Each step felt heavier than the last, weighted by the memories swirling in her chest. The diner, the porch swing, the afternoons they had spent laughing in the sun, it all pressed against her, insistent and alive.
Inside her car, she set the notebook on the passenger seat, glancing at the words she had written. It was her lifeline, a place to speak to the man she loved, a place where the five-year gap had no power.
As she started the engine, she stole one last look at the porch. Parker and his team were working in unison now, moving like a well-oiled machine. She imagined the day they would finish, the bright yellow paint gleaming in the sun, a small victory carved out of grief.
Turning onto the street, she allowed herself a deep breath.
Life was moving, even when her heart refused to.
Five years had taught her patience, endurance, and the quiet power of carrying love through absence.
Today, she would bring that strength to the hospital, tending to others while keeping her own fragile pieces intact.
The hospital smelled of antiseptic and warm coffee, a blend that somehow felt both sterile and familiar.

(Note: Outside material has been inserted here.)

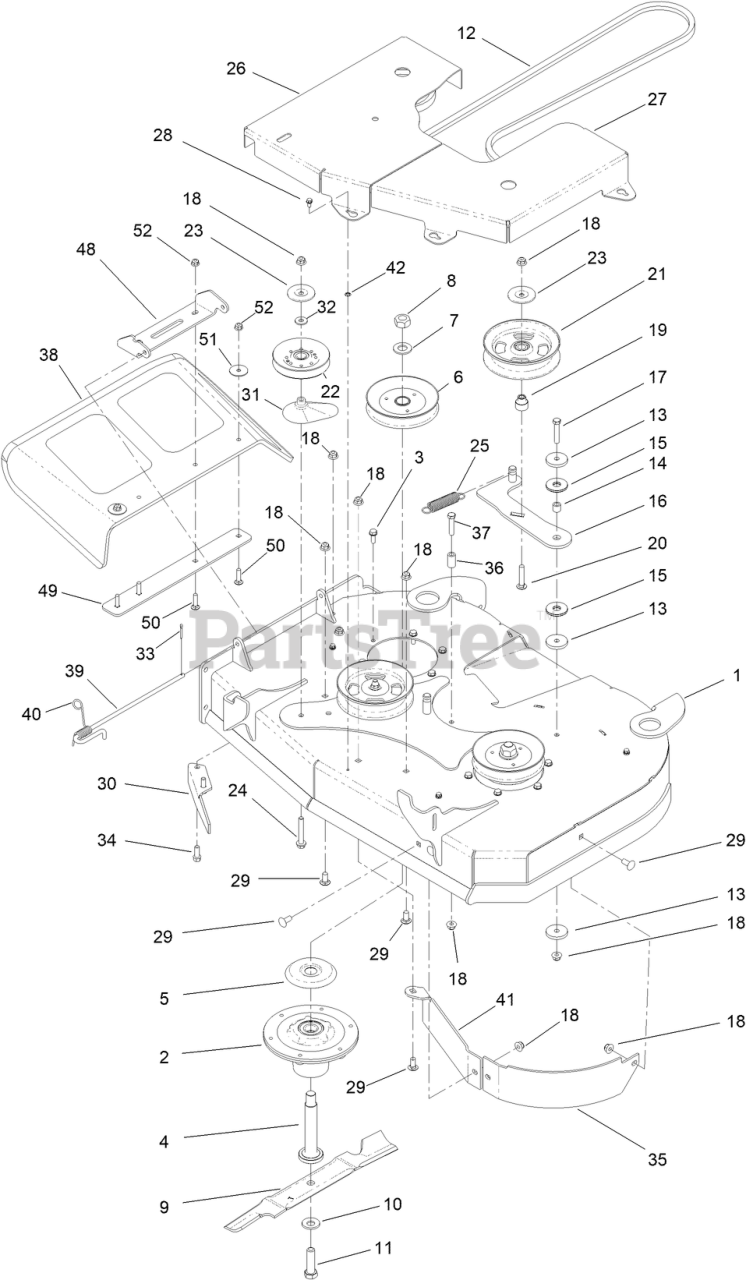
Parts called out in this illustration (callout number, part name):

Aria slipped through the sliding doors in her scrubs, swiping her ID at the nurse's station.
The fluorescent lights reflected off the polished floors, and the soft hum of monitors created an almost comforting rhythm.
"Morning, Callahan," one of the other nurses greeted her, smiling. "Coffee's still hot if you want it."
"Thanks," Aria said, letting herself smile back. She didn't linger. There were charts to check, patients to see, and lives that depended on her focus.
Her first stop was room 312, where an elderly man with pneumonia rested, coughing quietly into a tissue. She adjusted his oxygen mask, speaking softly, "Mr. Stevens, I'll be back in a few minutes to check your vitals. Try to rest until then."
He nodded, eyes grateful but tired. Aria's heart ached for him, for every patient she tended, but there was a discipline in caring for others that kept her own grief at bay.
The morning passed in a series of small, steady tasks: charting, assisting doctors, administering medication, and comforting frightened patients. Each action grounded her, gave her purpose, and for a little while, silenced the ache in her chest.
During her lunch break, she stepped outside into the hospital courtyard.
The sun was higher now, bright but not harsh, and she leaned against the railing, watching staff and patients move through the grounds.
She thought of the porch at home, of the porch Parker and the soldiers were helping to restore, and a faint smile tugged at her lips.
Returning inside, she found herself moving through the hospital with practiced efficiency, her grief tucked into the corners of her mind.
Five years had not made her forget, but they had taught her how to live.
And today, she would live by caring for others, keeping a fragile piece of hope alive in the quiet moments between heartbeats.